PyPDF2 makes use of 3 mechanisms to show that something went wrong:

  • Log messages are informative messages that can be used for post-mortem analysis. Most of the time, users can ignore them. They come in different levels, such as info / warning / error indicating the severity. Examples are non-standard compliant PDF files which PyPDF2 can deal with.

  • Warnings are avoidable issues, such as using deprecated classes / functions / parameters. Another example is missing capabilities of PyPDF2. In those cases, PyPDF2 users should adjust their code. Warnings are issued by the warnings module - those are different from the log-level “warning”.

  • Exceptions are error-cases that PyPDF2 users should explicitly handle. In the strict=True mode, most log messages with the warning level will become exceptions. This can be useful in applications where you can force to user to fix the broken PDF.

Exceptions

Exeptions need to be catched if you want to handle them. For example, you could want to read the text from a PDF as a part of a search function.

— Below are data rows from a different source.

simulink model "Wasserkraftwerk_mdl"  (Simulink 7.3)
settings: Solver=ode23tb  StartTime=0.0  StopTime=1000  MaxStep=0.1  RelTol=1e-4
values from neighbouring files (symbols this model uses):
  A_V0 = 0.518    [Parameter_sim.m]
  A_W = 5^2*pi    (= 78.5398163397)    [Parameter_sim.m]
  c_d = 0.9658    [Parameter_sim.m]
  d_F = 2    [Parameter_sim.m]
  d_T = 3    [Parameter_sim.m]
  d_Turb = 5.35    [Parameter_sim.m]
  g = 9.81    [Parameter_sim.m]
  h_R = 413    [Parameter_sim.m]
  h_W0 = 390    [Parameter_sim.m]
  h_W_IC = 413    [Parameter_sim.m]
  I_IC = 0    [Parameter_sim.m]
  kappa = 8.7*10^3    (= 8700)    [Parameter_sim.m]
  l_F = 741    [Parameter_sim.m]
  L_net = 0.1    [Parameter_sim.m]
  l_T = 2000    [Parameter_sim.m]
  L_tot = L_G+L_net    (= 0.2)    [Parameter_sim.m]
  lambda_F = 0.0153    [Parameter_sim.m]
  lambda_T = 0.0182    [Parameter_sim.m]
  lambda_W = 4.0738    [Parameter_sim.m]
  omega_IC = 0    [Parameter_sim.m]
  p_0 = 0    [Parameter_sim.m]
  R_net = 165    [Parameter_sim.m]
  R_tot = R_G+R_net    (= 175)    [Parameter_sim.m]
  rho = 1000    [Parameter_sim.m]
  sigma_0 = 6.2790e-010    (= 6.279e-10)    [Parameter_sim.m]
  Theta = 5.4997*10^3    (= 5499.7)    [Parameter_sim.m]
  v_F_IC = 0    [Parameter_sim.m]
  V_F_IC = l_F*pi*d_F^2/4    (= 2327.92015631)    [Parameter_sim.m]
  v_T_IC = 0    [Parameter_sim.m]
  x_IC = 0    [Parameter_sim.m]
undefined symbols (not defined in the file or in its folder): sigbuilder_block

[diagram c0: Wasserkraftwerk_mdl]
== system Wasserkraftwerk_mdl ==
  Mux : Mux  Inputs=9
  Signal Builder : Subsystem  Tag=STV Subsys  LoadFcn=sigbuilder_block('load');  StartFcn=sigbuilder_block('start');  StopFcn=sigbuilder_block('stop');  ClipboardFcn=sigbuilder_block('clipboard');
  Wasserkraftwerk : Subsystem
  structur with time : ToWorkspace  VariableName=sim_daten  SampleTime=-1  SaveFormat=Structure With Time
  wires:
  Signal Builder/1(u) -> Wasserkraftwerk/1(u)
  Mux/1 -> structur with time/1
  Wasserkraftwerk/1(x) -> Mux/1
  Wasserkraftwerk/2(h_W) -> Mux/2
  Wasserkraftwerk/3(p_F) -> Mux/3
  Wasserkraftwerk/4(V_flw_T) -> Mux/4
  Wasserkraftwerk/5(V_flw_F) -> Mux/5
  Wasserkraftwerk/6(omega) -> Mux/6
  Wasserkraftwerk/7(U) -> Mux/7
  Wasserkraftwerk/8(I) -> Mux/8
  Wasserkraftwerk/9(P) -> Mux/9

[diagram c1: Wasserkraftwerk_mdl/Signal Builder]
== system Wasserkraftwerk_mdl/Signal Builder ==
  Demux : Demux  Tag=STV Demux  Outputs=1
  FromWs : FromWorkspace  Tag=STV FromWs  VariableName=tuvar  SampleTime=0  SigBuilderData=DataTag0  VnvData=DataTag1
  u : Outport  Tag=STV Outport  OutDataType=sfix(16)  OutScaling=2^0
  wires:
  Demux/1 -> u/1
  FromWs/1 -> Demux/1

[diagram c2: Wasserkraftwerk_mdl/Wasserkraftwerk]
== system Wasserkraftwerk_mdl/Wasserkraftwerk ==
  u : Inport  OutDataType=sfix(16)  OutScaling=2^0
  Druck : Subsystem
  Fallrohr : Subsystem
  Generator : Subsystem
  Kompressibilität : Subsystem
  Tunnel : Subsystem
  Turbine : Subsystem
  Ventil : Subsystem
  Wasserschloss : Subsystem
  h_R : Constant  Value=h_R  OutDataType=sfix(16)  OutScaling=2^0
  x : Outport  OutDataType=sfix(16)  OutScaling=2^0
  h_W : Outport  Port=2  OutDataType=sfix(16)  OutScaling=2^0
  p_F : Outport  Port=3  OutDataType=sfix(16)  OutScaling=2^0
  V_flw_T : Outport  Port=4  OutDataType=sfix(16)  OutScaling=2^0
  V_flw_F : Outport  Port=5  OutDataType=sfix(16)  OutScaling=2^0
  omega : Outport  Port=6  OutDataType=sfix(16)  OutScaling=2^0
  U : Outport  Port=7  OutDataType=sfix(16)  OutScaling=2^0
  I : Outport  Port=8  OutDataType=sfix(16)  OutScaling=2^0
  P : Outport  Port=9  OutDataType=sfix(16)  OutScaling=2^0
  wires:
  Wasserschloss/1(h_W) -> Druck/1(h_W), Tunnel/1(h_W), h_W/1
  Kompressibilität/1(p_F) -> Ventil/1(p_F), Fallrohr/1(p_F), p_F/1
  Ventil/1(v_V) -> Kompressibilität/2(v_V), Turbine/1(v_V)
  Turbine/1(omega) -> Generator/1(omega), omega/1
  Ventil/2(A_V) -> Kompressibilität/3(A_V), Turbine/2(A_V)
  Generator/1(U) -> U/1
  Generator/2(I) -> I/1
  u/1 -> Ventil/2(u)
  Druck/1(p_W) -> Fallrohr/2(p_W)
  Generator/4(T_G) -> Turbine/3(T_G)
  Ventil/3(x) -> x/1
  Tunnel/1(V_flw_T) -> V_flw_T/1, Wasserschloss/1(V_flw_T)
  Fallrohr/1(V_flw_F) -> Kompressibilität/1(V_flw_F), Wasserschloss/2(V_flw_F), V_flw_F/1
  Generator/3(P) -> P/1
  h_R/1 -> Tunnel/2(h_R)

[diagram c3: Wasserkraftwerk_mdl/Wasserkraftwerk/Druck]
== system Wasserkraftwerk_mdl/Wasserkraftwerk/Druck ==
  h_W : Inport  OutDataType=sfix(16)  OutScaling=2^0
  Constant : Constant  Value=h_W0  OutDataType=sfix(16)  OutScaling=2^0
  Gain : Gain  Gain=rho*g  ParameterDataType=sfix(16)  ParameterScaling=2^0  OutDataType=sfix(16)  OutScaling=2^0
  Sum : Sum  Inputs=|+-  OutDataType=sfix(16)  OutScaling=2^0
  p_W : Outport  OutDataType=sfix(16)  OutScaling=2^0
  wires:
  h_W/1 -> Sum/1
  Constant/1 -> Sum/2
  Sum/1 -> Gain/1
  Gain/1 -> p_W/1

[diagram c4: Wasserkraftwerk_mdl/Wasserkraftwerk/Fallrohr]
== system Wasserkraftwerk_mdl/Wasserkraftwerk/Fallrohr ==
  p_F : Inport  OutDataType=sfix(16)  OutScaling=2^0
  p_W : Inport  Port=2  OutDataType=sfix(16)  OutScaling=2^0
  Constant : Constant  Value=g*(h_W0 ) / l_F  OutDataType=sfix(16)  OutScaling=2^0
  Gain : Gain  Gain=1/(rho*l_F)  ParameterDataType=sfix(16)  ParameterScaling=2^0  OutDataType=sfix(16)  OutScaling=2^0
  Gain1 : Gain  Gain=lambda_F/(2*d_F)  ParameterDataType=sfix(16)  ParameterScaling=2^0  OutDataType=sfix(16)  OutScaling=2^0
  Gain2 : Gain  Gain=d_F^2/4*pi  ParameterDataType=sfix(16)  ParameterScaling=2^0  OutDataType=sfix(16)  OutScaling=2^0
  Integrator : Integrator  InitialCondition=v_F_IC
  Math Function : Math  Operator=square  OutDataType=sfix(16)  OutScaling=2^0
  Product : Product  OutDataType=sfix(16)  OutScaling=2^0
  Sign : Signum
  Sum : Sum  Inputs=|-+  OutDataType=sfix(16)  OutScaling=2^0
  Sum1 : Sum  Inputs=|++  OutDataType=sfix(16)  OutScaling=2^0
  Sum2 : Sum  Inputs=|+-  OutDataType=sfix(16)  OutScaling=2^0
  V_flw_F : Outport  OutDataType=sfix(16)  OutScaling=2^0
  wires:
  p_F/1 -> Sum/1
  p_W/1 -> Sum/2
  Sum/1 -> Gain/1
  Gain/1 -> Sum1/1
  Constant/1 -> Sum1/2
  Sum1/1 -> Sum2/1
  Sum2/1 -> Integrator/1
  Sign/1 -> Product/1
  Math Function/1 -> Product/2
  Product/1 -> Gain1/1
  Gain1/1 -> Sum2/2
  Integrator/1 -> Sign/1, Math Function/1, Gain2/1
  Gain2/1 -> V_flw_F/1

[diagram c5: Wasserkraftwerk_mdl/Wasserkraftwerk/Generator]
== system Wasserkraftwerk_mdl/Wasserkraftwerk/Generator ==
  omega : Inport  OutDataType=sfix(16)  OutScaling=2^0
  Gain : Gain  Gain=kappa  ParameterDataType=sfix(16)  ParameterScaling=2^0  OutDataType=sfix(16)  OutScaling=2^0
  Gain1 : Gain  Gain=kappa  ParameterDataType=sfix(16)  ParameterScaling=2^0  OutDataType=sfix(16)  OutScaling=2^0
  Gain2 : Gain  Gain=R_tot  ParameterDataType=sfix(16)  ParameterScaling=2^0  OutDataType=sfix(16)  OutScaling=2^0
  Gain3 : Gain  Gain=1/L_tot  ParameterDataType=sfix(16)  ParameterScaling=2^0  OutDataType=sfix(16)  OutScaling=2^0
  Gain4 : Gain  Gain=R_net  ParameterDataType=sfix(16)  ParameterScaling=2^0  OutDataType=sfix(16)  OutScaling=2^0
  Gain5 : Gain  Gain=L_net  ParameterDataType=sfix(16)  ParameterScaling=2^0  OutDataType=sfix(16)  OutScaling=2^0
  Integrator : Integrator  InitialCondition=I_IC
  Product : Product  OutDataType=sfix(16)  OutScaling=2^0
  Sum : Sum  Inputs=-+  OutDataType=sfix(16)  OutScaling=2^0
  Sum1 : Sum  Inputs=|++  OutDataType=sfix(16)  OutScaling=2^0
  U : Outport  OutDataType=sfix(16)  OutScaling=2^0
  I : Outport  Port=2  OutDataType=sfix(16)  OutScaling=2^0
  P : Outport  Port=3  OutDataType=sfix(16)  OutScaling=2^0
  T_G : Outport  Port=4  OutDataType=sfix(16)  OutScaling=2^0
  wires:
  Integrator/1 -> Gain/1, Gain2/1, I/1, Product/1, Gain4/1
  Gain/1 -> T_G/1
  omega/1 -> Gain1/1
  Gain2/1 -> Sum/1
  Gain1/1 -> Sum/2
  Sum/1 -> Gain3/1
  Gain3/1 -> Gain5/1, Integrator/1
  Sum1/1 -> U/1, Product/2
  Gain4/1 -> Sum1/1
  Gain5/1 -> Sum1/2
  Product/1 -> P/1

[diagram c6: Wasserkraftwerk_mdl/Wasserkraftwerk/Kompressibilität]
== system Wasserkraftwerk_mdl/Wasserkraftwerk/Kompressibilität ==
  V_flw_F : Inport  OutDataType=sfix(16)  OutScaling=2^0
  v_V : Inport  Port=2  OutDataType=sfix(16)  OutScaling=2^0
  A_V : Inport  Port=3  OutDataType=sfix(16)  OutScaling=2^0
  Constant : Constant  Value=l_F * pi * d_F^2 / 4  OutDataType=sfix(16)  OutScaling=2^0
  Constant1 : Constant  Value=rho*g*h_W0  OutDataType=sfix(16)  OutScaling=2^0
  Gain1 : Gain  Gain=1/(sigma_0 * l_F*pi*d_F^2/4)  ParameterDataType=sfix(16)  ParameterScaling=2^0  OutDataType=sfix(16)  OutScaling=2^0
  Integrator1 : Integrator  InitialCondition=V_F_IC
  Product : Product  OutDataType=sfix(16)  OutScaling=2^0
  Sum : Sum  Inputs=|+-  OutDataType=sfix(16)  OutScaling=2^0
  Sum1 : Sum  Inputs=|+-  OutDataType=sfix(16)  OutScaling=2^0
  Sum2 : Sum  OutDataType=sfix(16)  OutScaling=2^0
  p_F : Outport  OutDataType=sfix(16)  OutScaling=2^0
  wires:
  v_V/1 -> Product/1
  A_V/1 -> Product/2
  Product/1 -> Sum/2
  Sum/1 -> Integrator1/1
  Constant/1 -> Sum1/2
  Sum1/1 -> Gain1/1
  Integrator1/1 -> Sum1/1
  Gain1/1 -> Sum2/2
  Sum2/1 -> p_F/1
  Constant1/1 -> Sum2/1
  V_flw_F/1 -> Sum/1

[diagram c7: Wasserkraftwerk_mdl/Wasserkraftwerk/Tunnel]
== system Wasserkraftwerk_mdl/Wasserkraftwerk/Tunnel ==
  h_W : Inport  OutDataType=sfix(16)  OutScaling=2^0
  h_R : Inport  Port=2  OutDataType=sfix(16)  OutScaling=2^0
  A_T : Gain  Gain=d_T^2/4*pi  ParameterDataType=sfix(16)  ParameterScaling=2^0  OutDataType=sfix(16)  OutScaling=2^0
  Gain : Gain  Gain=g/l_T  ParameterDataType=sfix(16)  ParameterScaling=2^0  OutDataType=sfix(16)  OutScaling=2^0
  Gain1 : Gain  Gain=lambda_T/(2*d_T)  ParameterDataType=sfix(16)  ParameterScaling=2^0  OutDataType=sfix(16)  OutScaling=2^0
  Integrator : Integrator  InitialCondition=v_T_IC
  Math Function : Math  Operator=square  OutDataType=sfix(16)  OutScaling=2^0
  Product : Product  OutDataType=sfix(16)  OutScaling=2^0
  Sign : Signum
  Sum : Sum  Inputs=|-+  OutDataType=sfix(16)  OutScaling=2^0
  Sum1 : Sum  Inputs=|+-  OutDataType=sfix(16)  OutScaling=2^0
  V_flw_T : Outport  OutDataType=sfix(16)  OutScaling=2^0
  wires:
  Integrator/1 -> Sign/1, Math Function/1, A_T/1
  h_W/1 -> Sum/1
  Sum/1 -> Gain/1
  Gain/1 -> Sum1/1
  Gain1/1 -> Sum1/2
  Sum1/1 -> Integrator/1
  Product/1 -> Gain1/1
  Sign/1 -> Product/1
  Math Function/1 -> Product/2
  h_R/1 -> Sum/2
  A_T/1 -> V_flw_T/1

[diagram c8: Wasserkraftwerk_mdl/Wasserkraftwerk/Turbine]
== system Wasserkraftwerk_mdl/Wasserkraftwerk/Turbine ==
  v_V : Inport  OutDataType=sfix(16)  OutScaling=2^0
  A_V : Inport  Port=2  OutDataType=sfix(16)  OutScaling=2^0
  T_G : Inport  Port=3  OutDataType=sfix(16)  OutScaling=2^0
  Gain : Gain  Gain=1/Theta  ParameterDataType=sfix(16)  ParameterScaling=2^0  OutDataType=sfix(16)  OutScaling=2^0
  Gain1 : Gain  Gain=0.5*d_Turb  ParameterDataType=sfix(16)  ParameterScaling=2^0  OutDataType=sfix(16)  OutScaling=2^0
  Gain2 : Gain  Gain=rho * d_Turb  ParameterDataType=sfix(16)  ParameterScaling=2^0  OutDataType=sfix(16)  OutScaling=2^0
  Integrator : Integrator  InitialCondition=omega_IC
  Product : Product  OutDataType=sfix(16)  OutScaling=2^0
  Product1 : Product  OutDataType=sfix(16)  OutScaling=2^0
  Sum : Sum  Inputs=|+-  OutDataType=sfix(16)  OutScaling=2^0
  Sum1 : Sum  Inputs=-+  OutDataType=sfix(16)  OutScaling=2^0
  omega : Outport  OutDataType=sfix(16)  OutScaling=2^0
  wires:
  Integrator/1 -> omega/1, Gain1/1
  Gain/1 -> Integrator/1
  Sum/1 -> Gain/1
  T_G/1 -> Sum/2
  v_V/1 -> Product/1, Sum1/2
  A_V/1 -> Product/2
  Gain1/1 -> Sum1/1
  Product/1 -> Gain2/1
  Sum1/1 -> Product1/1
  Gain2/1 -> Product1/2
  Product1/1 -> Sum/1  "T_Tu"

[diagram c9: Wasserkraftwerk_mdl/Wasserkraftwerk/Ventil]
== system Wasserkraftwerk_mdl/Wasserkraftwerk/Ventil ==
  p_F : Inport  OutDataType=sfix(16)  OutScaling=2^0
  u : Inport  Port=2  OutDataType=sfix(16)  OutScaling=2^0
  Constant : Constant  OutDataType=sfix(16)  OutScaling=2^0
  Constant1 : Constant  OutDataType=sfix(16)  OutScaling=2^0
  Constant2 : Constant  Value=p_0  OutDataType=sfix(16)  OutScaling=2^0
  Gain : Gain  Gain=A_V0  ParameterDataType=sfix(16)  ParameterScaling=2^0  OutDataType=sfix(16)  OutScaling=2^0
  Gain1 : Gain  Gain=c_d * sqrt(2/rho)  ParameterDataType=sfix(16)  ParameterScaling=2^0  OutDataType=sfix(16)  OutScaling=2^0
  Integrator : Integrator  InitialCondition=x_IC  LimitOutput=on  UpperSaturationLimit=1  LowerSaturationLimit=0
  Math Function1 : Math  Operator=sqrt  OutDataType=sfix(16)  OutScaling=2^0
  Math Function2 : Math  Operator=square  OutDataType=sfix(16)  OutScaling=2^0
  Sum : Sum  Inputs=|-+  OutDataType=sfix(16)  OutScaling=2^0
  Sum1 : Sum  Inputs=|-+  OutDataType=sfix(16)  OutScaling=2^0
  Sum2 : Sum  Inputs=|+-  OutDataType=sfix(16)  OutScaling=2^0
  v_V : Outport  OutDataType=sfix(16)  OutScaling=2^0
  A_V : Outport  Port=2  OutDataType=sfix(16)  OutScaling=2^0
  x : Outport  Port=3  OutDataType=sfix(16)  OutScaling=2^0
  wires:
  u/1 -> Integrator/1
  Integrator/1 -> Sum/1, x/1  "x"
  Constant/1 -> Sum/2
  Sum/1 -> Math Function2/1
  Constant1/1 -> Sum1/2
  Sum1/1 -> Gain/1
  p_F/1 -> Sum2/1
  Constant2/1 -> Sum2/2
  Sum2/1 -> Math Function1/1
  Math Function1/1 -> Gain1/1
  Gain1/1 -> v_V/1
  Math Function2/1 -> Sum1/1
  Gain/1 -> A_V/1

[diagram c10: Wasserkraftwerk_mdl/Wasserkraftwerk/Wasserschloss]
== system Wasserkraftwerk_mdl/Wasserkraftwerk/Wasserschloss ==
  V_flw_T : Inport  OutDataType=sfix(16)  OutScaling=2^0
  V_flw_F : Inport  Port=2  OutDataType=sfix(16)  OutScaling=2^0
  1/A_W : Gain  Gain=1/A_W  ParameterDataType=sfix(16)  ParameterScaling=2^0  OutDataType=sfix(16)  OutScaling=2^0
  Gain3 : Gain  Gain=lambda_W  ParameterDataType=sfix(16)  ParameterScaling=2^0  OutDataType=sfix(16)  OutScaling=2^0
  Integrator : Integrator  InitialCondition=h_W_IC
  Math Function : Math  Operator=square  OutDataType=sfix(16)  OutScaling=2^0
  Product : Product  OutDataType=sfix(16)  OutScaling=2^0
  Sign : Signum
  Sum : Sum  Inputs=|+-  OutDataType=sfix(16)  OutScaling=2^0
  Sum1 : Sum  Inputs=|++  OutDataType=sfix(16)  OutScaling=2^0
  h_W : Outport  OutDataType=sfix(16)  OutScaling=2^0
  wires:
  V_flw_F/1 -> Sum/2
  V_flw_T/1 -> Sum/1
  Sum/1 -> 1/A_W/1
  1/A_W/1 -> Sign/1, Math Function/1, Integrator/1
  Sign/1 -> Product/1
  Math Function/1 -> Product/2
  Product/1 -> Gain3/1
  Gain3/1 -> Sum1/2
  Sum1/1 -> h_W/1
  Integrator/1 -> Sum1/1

Most PDF files don’t follow the specifications. In this case PyPDF2 needs to guess which kinds of mistakes were potentially done when the PDF file was created. See the robustness page for the related issues.

As a users, you likely don’t care about it. If it’s readable in any way, you want the text. You might use pdfminer.six as a fallback and do this:

from PyPDF2 import PdfReader
from pdfminer.high_level import extract_text as fallback_text_extraction

text = ""
try:
    reader = PdfReader("example.pdf")
    for page in reader.pages:
        text += page.extract_text()
except Exception as exc:
    text = fallback_text_extraction("example.pdf")

You could also capture PyPDF2.errors.PyPdfError if you prefer something more specific.

Warnings

The warnings module allows you to ignore warnings:

import warnings

warnings.filterwarnings("ignore")

In many cases, you actually want to start Python with the -W flag so that you see all warnings. This is especially true for Continuous Integration (CI).

Log messages

Log messages can be noisy in some cases. PyPDF2 hopefully is having a reasonable level of log messages, but you can reduce which types of messages you want to see:

import logging

logger = logging.getLogger("PyPDF2")
logger.setLevel(logging.ERROR)

The logging module defines six log levels:

  • CRITICAL

  • ERROR

  • WARNING

  • INFO

  • DEBUG

  • NOTSET